Борис Парамонов: Жан Жене – мощный писатель. ''Богоматерь цветов'' – великая книга. Жене похож сразу на Селина и Пруста. Его стиль завораживает и – признак всякой великой литературы – выводит за пределы тематики, поднимается над грубым, грязным, подчас невыносимым содержанием изображаемого. ''Богоматерь цветов'' на видимом, содержательном, фабульном уровне – книга из быта гомосексуальных проституток, но читатель (если он по-настоящему ценит и понимает литературу) забывает об этих реалиях где-то странице к тридцатой. Книга, описывающая такой экзотический, фантастический быт, очень скоро выводит за рамки какого-либо быта, уводит за пределы реальности вообще. Она приобретает символический характер, смысл и измерение. Такое можно наблюдать в пьесах Ибсена: на сцене – ординарный быт скандинавских провинциальных буржуа, но в перипетиях этого быта открываются метафизические высоты. Скажем, в пьесе ''Росмерсхолм'' речь на поверхности идет о том, как девица втерлась в дом пастора и сжила со света его жену, чтоб занять ее место, – а в действительности рассказывается история Христа и Магдалины. То же самое у Достоевского: персонажи и обстоятельства нарочито заземлены, вполне, подчас гротескно ''реалистичны'', а в глубине Бог с дьяволом борется. Я настаиваю: Жана Жене можно и нужно брать вне его скандальной тематики, он поднимается над ней и поднимает читателя.
Но в любом разговоре о Жене не обойти как бы главного: его гомосексуализма.
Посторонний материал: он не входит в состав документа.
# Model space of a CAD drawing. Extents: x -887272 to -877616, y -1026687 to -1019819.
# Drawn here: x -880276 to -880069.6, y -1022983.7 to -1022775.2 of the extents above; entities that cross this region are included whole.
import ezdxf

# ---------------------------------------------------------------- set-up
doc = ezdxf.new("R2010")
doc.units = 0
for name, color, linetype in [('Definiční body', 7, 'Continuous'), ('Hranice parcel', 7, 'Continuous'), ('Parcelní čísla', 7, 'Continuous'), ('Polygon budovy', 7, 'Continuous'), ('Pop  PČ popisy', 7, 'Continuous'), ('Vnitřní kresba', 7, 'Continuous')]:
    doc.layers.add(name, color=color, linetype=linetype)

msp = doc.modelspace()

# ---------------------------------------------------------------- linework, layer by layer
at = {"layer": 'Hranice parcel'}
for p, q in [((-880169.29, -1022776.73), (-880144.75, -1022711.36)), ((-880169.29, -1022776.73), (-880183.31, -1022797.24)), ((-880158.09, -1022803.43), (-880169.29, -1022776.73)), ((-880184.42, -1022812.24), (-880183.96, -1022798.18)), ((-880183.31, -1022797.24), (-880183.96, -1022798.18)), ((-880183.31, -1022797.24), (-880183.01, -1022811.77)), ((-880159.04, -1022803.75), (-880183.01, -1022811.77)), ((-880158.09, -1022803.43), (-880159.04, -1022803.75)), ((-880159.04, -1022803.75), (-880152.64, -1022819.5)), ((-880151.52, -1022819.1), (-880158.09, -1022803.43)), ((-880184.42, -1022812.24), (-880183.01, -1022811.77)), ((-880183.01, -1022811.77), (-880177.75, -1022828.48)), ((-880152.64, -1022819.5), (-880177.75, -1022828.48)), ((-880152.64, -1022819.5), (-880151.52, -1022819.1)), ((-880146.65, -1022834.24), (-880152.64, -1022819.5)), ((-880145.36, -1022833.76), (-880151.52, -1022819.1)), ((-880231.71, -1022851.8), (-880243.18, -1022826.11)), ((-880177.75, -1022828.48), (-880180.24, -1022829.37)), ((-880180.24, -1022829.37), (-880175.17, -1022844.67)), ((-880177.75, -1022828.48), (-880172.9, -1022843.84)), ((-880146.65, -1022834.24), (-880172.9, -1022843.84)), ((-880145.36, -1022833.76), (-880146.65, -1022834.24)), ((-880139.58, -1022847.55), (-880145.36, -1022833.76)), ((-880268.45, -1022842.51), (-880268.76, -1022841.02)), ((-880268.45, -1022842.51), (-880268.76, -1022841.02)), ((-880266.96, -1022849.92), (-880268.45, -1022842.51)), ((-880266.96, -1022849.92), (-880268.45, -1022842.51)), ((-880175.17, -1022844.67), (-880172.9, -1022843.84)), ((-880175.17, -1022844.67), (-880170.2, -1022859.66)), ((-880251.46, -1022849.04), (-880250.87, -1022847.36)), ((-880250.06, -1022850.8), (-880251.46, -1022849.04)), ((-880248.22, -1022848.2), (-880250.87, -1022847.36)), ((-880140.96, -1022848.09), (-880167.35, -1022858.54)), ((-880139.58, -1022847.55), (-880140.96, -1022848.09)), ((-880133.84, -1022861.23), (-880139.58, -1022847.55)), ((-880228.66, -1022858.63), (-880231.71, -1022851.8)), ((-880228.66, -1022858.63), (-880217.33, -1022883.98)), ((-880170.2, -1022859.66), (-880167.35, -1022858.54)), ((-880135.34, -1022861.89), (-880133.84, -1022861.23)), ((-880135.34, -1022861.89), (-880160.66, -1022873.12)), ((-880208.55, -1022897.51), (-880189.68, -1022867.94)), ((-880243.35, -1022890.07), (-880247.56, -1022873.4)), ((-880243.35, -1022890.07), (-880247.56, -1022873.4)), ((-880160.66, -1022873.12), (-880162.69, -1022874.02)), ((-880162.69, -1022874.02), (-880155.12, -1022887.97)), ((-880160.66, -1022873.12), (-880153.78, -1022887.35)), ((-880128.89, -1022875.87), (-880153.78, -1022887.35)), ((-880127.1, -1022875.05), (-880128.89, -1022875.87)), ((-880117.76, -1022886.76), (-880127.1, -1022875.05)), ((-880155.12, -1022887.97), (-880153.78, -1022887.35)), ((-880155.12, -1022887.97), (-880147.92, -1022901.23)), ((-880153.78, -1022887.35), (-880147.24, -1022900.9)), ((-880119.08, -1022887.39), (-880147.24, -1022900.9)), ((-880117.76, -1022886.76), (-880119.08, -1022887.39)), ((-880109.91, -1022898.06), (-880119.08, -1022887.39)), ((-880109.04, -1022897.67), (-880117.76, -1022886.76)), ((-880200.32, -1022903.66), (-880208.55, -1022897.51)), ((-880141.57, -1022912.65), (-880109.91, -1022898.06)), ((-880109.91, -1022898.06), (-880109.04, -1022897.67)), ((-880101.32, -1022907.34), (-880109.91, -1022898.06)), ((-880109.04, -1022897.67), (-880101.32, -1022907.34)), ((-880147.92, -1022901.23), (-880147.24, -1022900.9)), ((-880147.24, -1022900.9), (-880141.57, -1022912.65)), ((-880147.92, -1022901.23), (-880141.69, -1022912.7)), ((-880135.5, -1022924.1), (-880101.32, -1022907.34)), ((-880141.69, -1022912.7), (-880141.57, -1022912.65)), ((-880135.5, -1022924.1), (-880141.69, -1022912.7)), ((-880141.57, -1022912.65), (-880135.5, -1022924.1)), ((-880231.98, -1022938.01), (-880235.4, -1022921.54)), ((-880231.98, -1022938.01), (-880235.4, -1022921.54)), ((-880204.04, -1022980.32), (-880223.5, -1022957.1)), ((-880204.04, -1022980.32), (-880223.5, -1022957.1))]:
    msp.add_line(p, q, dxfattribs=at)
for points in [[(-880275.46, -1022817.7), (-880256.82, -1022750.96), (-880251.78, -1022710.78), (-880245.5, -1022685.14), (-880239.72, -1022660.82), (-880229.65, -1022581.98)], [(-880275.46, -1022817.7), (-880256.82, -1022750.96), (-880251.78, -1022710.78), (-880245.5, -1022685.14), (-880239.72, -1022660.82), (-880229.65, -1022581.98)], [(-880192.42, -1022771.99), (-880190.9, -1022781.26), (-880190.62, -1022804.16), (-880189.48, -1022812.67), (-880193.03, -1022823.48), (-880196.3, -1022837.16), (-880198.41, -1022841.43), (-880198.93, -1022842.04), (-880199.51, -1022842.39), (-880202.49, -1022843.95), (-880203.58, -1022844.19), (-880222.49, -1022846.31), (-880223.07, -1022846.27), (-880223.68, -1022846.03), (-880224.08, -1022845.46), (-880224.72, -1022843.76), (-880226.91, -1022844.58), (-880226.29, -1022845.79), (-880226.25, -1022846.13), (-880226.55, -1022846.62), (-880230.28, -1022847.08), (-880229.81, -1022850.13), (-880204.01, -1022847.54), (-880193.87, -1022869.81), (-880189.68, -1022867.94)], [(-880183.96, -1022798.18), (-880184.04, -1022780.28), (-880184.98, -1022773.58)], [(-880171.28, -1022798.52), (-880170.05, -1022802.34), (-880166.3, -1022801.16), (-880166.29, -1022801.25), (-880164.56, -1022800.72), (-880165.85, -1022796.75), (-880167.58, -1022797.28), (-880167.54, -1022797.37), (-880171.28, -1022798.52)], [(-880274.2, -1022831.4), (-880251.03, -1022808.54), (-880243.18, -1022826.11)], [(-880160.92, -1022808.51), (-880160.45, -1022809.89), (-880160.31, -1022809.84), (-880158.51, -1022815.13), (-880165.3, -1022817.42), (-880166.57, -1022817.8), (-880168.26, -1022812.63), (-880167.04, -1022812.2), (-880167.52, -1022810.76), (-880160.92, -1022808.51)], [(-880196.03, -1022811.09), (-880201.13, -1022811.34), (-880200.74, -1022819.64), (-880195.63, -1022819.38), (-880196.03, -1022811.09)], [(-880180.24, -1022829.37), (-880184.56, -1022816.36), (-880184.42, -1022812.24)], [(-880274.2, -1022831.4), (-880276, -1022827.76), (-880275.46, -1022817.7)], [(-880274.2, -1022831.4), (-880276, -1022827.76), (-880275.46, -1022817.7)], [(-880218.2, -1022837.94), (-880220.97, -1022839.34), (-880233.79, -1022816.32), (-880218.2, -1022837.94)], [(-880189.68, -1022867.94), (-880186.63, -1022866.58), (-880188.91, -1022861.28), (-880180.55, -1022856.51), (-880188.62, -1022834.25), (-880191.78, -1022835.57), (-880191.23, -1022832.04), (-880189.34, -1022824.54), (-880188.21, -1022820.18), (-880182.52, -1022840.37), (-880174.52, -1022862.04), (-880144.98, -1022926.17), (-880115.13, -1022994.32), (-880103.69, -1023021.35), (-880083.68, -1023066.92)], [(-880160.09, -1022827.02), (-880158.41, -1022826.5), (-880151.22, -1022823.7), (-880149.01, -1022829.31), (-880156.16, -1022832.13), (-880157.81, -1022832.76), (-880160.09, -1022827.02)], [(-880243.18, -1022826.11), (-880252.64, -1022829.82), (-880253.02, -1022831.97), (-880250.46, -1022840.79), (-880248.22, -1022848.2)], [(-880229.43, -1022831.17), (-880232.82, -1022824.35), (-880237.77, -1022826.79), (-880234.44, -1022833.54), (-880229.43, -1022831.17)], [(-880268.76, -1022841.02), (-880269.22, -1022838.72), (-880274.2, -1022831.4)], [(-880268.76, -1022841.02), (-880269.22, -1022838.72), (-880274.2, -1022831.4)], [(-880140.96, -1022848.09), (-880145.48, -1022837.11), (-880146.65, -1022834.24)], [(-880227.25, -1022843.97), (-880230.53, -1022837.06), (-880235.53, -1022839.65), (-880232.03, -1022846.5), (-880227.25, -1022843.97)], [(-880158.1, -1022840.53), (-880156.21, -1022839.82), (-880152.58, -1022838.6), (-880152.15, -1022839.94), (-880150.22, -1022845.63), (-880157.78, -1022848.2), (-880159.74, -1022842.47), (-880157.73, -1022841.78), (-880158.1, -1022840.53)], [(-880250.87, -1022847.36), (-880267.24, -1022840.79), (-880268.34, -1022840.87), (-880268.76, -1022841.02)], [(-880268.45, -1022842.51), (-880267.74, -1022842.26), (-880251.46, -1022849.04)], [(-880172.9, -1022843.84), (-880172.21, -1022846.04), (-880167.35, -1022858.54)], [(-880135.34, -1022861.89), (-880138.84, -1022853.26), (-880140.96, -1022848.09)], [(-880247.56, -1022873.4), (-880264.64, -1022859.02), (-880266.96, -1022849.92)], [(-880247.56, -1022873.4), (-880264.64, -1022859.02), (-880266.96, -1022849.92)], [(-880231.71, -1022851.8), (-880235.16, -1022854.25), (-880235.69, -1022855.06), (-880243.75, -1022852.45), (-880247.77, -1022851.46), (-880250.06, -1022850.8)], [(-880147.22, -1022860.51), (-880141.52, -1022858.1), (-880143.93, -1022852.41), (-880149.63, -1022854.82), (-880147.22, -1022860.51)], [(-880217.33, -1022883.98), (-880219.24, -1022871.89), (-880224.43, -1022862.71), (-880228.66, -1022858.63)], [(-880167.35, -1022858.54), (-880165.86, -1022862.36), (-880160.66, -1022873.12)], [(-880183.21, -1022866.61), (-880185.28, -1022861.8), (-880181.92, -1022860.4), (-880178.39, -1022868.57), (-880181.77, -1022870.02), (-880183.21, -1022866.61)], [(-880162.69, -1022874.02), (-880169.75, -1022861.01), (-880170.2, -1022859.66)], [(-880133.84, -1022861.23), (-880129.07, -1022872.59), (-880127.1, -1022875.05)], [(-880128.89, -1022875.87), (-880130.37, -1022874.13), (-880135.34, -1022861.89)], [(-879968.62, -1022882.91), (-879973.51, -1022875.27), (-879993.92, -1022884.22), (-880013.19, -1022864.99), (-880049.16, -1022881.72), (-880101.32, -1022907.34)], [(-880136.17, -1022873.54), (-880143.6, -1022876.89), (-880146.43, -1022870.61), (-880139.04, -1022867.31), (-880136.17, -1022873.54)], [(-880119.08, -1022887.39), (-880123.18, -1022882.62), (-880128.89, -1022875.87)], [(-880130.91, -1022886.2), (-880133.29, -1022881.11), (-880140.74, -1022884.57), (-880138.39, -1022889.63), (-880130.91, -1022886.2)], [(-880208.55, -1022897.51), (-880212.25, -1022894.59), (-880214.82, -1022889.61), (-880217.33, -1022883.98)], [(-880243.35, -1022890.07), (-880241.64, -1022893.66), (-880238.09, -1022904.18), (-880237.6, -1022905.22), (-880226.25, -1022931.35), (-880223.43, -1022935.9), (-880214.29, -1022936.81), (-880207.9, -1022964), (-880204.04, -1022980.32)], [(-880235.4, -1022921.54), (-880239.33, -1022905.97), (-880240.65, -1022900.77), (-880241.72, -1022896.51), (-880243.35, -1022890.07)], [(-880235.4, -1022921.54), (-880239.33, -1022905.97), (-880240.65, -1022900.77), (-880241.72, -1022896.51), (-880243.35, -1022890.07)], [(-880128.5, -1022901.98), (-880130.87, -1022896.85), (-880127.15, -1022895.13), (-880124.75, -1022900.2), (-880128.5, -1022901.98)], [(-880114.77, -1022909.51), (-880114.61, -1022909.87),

И вот тут обнаруживается его радикальное новаторство. Писателей-гомосексуалистов сколько угодно было и до него. Но гомосексуализм не был у них непосредственно трактуемой темой. Возьмем хотя бы Тенесси Уильямса. В его пьесах непременный персонаж – слабая, безвольная женщина, становящаяся игрушкой в руках других: Бланш Дюбуа из ''Трамвая Желания'' хотя бы, но и в других, во всех пьесах Уильямса есть такой персонаж. И мы догадываемся, что это – маска автора. Тогда Стенли Ковальский из того же ''Трамвая'' оказывается демонизированным образом мужчины в сознании гомосексуалиста. Обо всем это можно догадаться, но нигде ничего не говорится прямо – и в этом искусство автора. Гомосексуализм дан не как тема, а как метафора. То же самое можно сказать о Трумене Капоте, да и о многих других. В век психоанализа трудно не различить лица за маской. Человек, читавший Фрейда, легко поймет, к примеру, что лермонтовский Печорин – гомосексуалист, как и его автор. Повторяю: искусство до сих пор – до Жене – в том состояло, чтобы эту тему подать замаскированной в системе художественных метафор.
Недавно я читал одну американскую статью, где был придуман термин ''гоминтерн'': автор статьи писал об авторах-гомосексуалистах сороковых-пятидесятых годов и сожалел о том, что они не могли в то время сказаться прямо. Помню, я посмеялся над той статьей: а зачем в искусстве говорить прямо? Оно сплошное иносказание, метафора, искусству противопоказано прямоговорение. Гомосексуалист, говорящий без маскировки о своих проблемах, создаст документ, а не художественный текст. И вот, прочитав ''Богоматерь цветов'', я увидел, что возможен и такой вариант, когда прямоговорение не мешает эстетическому эффекту. Но эта тематическая открытость у Жене тоже своего рода уловка. Он ведь не о гомосексуализме говорит и не о быте и нравах гомосексуальных проституток – а об условиях человеческого существования, о судьбе человека в мире. Его персонажи – обобщенные лики человечества. Это что-то вроде библейской Книги Иова. У него, в его искусстве происходит не метафорическая маскировка материала, а религиозное его углубление. Способность к такому – свойство великих писателей. Жан Жене – великий писатель.
Он не поднимает, а трансформирует тему гомосексуализма. Сам гомосексуализм становится некоей маской, если угодно метафорой. Вспомним, что герои ''Богоматери цветов'' не просто гомосексуалисты, а преступники: воры, предатели, даже убийцы. Сам Нотр Дам де Флёр – убийца, почему и назван роман его именем, хотя это персонаж скорее эпизодический. Жене показывает, что гомосексуализм – это не просто вариант сексуальной практики и не юридическая, скажем, проблема, а нечто большее. Прекращение легального преследования гомосексуализма – условие необходимое, но не достаточное для понимания этой проблемы. Это проблема не юридическая, даже не культурная, а метафизическая. Жене именно так ее ставит. У него гомосексуализм – это вызов, бросаемый человеку Богом, на что человек отвечает бунтом. Тут и начинается у него тяжба человека с Богом – тема Достоевского, подхваченная Жаном Жене с не меньшей остротой.